I am planning on using these guys next season. My dad went with them a few years ago and loved it. I met Charles at the NWTF Nationals in Nashville this past February. Very down to earth. 

http://www.godscountryoutfitters.net/osceola-turkey-hunts/ 

The guys at Pistol Creek have always suggested Haw Creek Outfitters.

http://www.hawcreekoutfittersfl.com/osceola-turkey/

I'm sure both will get you on a bird.


----------



## labsnducks (Apr 24, 2017)

Swamp gobbler ourfitters are great!


----------



## bowhunterdavid (Apr 24, 2017)

Ted Jaycock , Tall tines outfitters in Ocala flordia, Kansas hunts also.


----------



## fountain (Apr 24, 2017)

Do your homework and research, research, research.  God's country Outfitters have always seemed legit.  I've talked to them numerous times and they seem to do well.  I went with Captain Billy Henderson once and it's was a decent hunt.  He has a good success rate as well.  Look him up on FB.
Ask the questions of success rates, when are the better dates to come ( I would say as early as possible in FL due to weather/early Springs ), what the terrain type is, accommodations, what is needed for the hunt and travel arrangements.  A fun type of hunt that I've grown to love now is hunting orange groves.  You may have to go a little further south to find those, but they are fun and gobblers hang out in them.  
Also, you may could look into hunts in the southern zone of Florida and hunt early March way ahead of any other season.


----------



## BigPimpin (Apr 24, 2017)

If you don't have to be wined and dined, Joey Jiminez is an option.  Look him up on Facebook.  He had a ton of birds when I went with him.  He told me and my buddy not to book more than the first night at the hotel because he was confident we would tag out on day 1.  I didn't listen and booked my hotel for three nights.  We both killed our birds on the first morning.  Lost the hotel money.  Should have listened.  Birds gobbling everywhere.  Beautiful pastures and orange groves.  Picture perfect hunt.  He was fun to hang out with too.  Very reasonable price.  I think he was 9 for 9 this year last time I checked with some seriously hooked birds.


----------



## phillip (Apr 24, 2017)

Joey aka Coyote has the birds and a good man.I went this year opening day ,finished my slam by lunch time.If your interested pm me I'll give you his number.


----------



## sea trout (Apr 24, 2017)

Good thread!!!! I wanna do this also one day!!!!
lum4life please update us with who you pick and how ya liked it!!!
Which one of these outfitters has a wet bar???


----------



## badcreek (Apr 25, 2017)

Get in touch with Travis Daniels, Cypress Roost Outfitters. Stand up guy and has tons of birds. True South Florida Osceolas. His clients were 100% this year and he took a lot of clients.


----------



## Ricochet (Apr 25, 2017)

badcreek said:


> Get in touch with Travis Daniels, Cypress Roost Outfitters. Stand up guy and has tons of birds. True South Florida Osceolas. His clients were 100% this year and he took a lot of clients.
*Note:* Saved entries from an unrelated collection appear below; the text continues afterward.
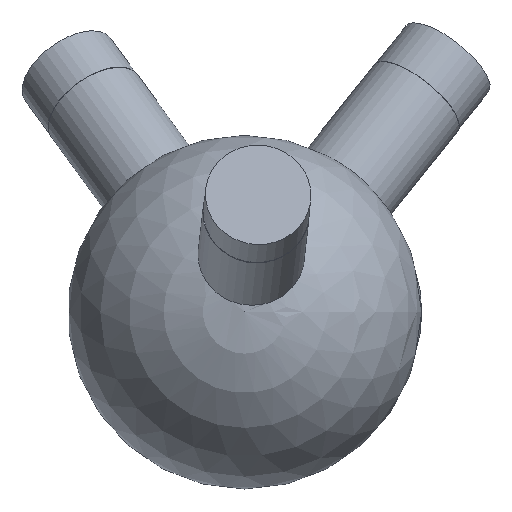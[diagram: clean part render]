
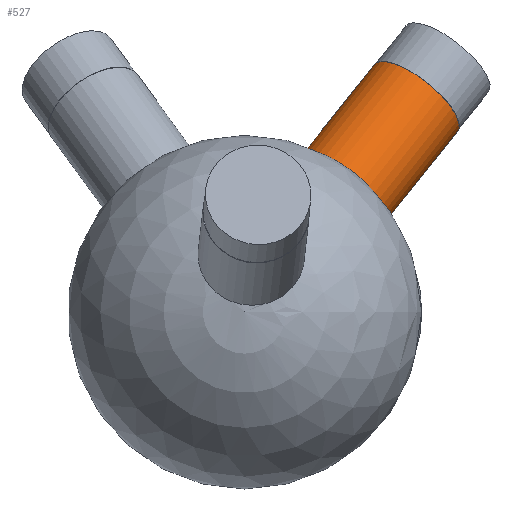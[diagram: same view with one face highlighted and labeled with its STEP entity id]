
A CAD part, top view. The second image highlights one B-rep face of the part: STEP entity #527.
In plain terms, the highlighted cylindrical face has radius 6 mm (diameter 12 mm), a full revolution.
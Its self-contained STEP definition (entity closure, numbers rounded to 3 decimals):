
#33 = SPHERICAL_SURFACE('',#34,20.);
#34 = AXIS2_PLACEMENT_3D('',#35,#36,#37);
#35 = CARTESIAN_POINT('',(0.,0.,0.));
#36 = DIRECTION('',(0.,0.,1.));
#37 = DIRECTION('',(1.,0.,-0.));
#132 = EDGE_CURVE('',#133,#133,#135,.T.);
#133 = VERTEX_POINT('',#134);
#134 = CARTESIAN_POINT('',(15.841,10.213,
    -6.69));
#135 = SURFACE_CURVE('',#136,(#141,#203),.PCURVE_S1.);
#136 = CIRCLE('',#137,6.);
#137 = AXIS2_PLACEMENT_3D('',#138,#139,#140);
#138 = CARTESIAN_POINT('',(11.154,13.959,
    -6.69));
#139 = DIRECTION('',(0.585,0.732,-0.351));
#140 = DIRECTION('',(-0.781,0.624,0.)
  );
#141 = PCURVE('',#33,#142);
#142 = DEFINITIONAL_REPRESENTATION('',(#143),#202);
#143 = B_SPLINE_CURVE_WITH_KNOTS('',8,(#144,#145,#146,#147,#148,#149,
    #150,#151,#152,#153,#154,#155,#156,#157,#158,#159,#160,#161,#162,
    #163,#164,#165,#166,#167,#168,#169,#170,#171,#172,#173,#174,#175,
    #176,#177,#178,#179,#180,#181,#182,#183,#184,#185,#186,#187,#188,
    #189,#190,#191,#192,#193,#194,#195,#196,#197,#198,#199,#200,#201),
  .UNSPECIFIED.,.F.,.F.,(9,7,7,7,7,7,7,7,9),(3.142,
    3.927,4.614,5.216,5.742,
    6.662,7.353,8.389,9.425),
  .UNSPECIFIED.);
#144 = CARTESIAN_POINT('',(0.573,-0.341));
#145 = CARTESIAN_POINT('',(0.569,-0.37));
#146 = CARTESIAN_POINT('',(0.569,-0.4));
#147 = CARTESIAN_POINT('',(0.572,-0.43));
#148 = CARTESIAN_POINT('',(0.579,-0.459));
#149 = CARTESIAN_POINT('',(0.589,-0.487));
#150 = CARTESIAN_POINT('',(0.603,-0.514));
#151 = CARTESIAN_POINT('',(0.622,-0.539));
#152 = CARTESIAN_POINT('',(0.662,-0.582));
#153 = CARTESIAN_POINT('',(0.684,-0.601));
#154 = CARTESIAN_POINT('',(0.708,-0.617));
#155 = CARTESIAN_POINT('',(0.735,-0.632));
#156 = CARTESIAN_POINT('',(0.764,-0.643));
#157 = CARTESIAN_POINT('',(0.795,-0.652));
#158 = CARTESIAN_POINT('',(0.827,-0.658));
#159 = CARTESIAN_POINT('',(0.888,-0.664));
#160 = CARTESIAN_POINT('',(0.917,-0.664));
#161 = CARTESIAN_POINT('',(0.945,-0.662));
#162 = CARTESIAN_POINT('',(0.974,-0.658));
#163 = CARTESIAN_POINT('',(1.001,-0.651));
#164 = CARTESIAN_POINT('',(1.027,-0.643));
#165 = CARTESIAN_POINT('',(1.052,-0.632));
#166 = CARTESIAN_POINT('',(1.095,-0.609));
#167 = CARTESIAN_POINT('',(1.114,-0.596));
#168 = CARTESIAN_POINT('',(1.132,-0.583));
#169 = CARTESIAN_POINT('',(1.147,-0.568));
#170 = CARTESIAN_POINT('',(1.162,-0.552));
#171 = CARTESIAN_POINT('',(1.174,-0.535));
#172 = CARTESIAN_POINT('',(1.185,-0.518));
#173 = CARTESIAN_POINT('',(1.21,-0.468));
#174 = CARTESIAN_POINT('',(1.221,-0.435));
#175 = CARTESIAN_POINT('',(1.226,-0.4));
#176 = CARTESIAN_POINT('',(1.227,-0.365));
#177 = CARTESIAN_POINT('',(1.223,-0.33));
#178 = CARTESIAN_POINT('',(1.215,-0.296));
#179 = CARTESIAN_POINT('',(1.203,-0.263));
#180 = CARTESIAN_POINT('',(1.175,-0.209));
#181 = CARTESIAN_POINT('',(1.161,-0.187));
#182 = CARTESIAN_POINT('',(1.145,-0.166));
#183 = CARTESIAN_POINT('',(1.127,-0.147));
#184 = CARTESIAN_POINT('',(1.108,-0.129));
#185 = CARTESIAN_POINT('',(1.087,-0.114));
#186 = CARTESIAN_POINT('',(1.065,-0.1));
#187 = CARTESIAN_POINT('',(1.007,-0.071));
#188 = CARTESIAN_POINT('',(0.97,-0.058));
#189 = CARTESIAN_POINT('',(0.931,-0.05));
#190 = CARTESIAN_POINT('',(0.891,-0.048));
#191 = CARTESIAN_POINT('',(0.852,-0.052));
#192 = CARTESIAN_POINT('',(0.813,-0.06));
#193 = CARTESIAN_POINT('',(0.777,-0.074));
#194 = CARTESIAN_POINT('',(0.708,-0.112));
#195 = CARTESIAN_POINT('',(0.676,-0.135));
#196 = CARTESIAN_POINT('',(0.648,-0.162));
#197 = CARTESIAN_POINT('',(0.623,-0.194));
#198 = CARTESIAN_POINT('',(0.603,-0.228));
#199 = CARTESIAN_POINT('',(0.588,-0.264));
#200 = CARTESIAN_POINT('',(0.577,-0.302));
#201 = CARTESIAN_POINT('',(0.573,-0.341));
#202 = ( GEOMETRIC_REPRESENTATION_CONTEXT(2) 
PARAMETRIC_REPRESENTATION_CONTEXT() REPRESENTATION_CONTEXT('2D SPACE',''
  ) );
#203 = PCURVE('',#204,#209);
#204 = CYLINDRICAL_SURFACE('',#205,6.);
#205 = AXIS2_PLACEMENT_3D('',#206,#207,#208);
#206 = CARTESIAN_POINT('',(0.,0.,0.));
#207 = DIRECTION('',(0.585,0.732,-0.351));
#208 = DIRECTION('',(0.781,-0.624,0.)
  );
#209 = DEFINITIONAL_REPRESENTATION('',(#210),#214);
#210 = LINE('',#211,#212);
#211 = CARTESIAN_POINT('',(-3.142,19.079));
#212 = VECTOR('',#213,1.);
#213 = DIRECTION('',(1.,0.));
#214 = ( GEOMETRIC_REPRESENTATION_CONTEXT(2) 
PARAMETRIC_REPRESENTATION_CONTEXT() REPRESENTATION_CONTEXT('2D SPACE',''
  ) );
#527 = ADVANCED_FACE('',(#528),#204,.T.);
#528 = FACE_BOUND('',#529,.T.);
#529 = EDGE_LOOP('',(#530,#553,#580,#581));
#530 = ORIENTED_EDGE('',*,*,#531,.T.);
#531 = EDGE_CURVE('',#133,#532,#534,.T.);
#532 = VERTEX_POINT('',#533);
#533 = CARTESIAN_POINT('',(24.002,20.427,
    -11.585));
#534 = SEAM_CURVE('',#535,(#539,#546),.PCURVE_S1.);
#535 = LINE('',#536,#537);
#536 = CARTESIAN_POINT('',(4.687,-3.745,
    0.));
#537 = VECTOR('',#538,1.);
#538 = DIRECTION('',(0.585,0.732,-0.351));
#539 = PCURVE('',#204,#540);
#540 = DEFINITIONAL_REPRESENTATION('',(#541),#545);
#541 = LINE('',#542,#543);
#542 = CARTESIAN_POINT('',(6.283,-0.));
#543 = VECTOR('',#544,1.);
#544 = DIRECTION('',(0.,1.));
#545 = ( GEOMETRIC_REPRESENTATION_CONTEXT(2) 
PARAMETRIC_REPRESENTATION_CONTEXT() REPRESENTATION_CONTEXT('2D SPACE',''
  ) );
#546 = PCURVE('',#204,#547);
#547 = DEFINITIONAL_REPRESENTATION('',(#548),#552);
#548 = LINE('',#549,#550);
#549 = CARTESIAN_POINT('',(0.,-0.));
#550 = VECTOR('',#551,1.);
#551 = DIRECTION('',(0.,1.));
#552 = ( GEOMETRIC_REPRESENTATION_CONTEXT(2) 
PARAMETRIC_REPRESENTATION_CONTEXT() REPRESENTATION_CONTEXT('2D SPACE',''
  ) );
#553 = ORIENTED_EDGE('',*,*,#554,.F.);
#554 = EDGE_CURVE('',#532,#532,#555,.T.);
#555 = SURFACE_CURVE('',#556,(#561,#568),.PCURVE_S1.);
#556 = CIRCLE('',#557,6.);
#557 = AXIS2_PLACEMENT_3D('',#558,#559,#560);
#558 = CARTESIAN_POINT('',(19.315,24.172,
    -11.585));
#559 = DIRECTION('',(0.585,0.732,-0.351));
#560 = DIRECTION('',(0.781,-0.624,0.)
  );
#561 = PCURVE('',#204,#562);
#562 = DEFINITIONAL_REPRESENTATION('',(#563),#567);
#563 = LINE('',#564,#565);
#564 = CARTESIAN_POINT('',(0.,33.039));
#565 = VECTOR('',#566,1.);
#566 = DIRECTION('',(1.,0.));
#567 = ( GEOMETRIC_REPRESENTATION_CONTEXT(2) 
PARAMETRIC_REPRESENTATION_CONTEXT() REPRESENTATION_CONTEXT('2D SPACE',''
  ) );
#568 = PCURVE('',#569,#574);
#569 = PLANE('',#570);
#570 = AXIS2_PLACEMENT_3D('',#571,#572,#573);
#571 = CARTESIAN_POINT('',(19.315,24.172,
    -11.585));
#572 = DIRECTION('',(0.585,0.732,-0.351));
#573 = DIRECTION('',(0.781,-0.624,0.)
  );
#574 = DEFINITIONAL_REPRESENTATION('',(#575),#579);
#575 = CIRCLE('',#576,6.);
#576 = AXIS2_PLACEMENT_2D('',#577,#578);
#577 = CARTESIAN_POINT('',(0.,0.));
#578 = DIRECTION('',(1.,0.));
#579 = ( GEOMETRIC_REPRESENTATION_CONTEXT(2) 
PARAMETRIC_REPRESENTATION_CONTEXT() REPRESENTATION_CONTEXT('2D SPACE',''
  ) );
#580 = ORIENTED_EDGE('',*,*,#531,.F.);
#581 = ORIENTED_EDGE('',*,*,#132,.T.);

Exactly, https://www.facebook.com/CypressRoostOutfitters/

I hope to get down there sooner or later and hunt with Travis!


----------



## straightshooter (Apr 25, 2017)

I actually recommended Joey Jimenez to most of the guys on here who are also giving him high praise.  Think he had 11 hunters this season.  Was 10 for 10 on great gobblers.  Last guy had a bird at 13 steps and wound up missing him three times.  Should have been 11 for 11.  Probably the least expensive Osceola hunt on the market.  PM me and I'll give you his information.  Talked with him a week ago and some folks are already sending deposits for next season.


----------



## hambone50 (Apr 25, 2017)

straightshooter said:


> I actually recommended Joey Jimenez to most of the guys on here who are also giving him high praise.  Think he had 11 hunters this season.  Was 10 for 10 on great gobblers.  Last guy had a bird at 13 steps and wound up missing him three times.  Should have been 11 for 11.  Probably the least expensive Osceola hunt on the market.  PM me and I'll give you his information.  Talked with him a week ago and some folks are already sending deposits for next season.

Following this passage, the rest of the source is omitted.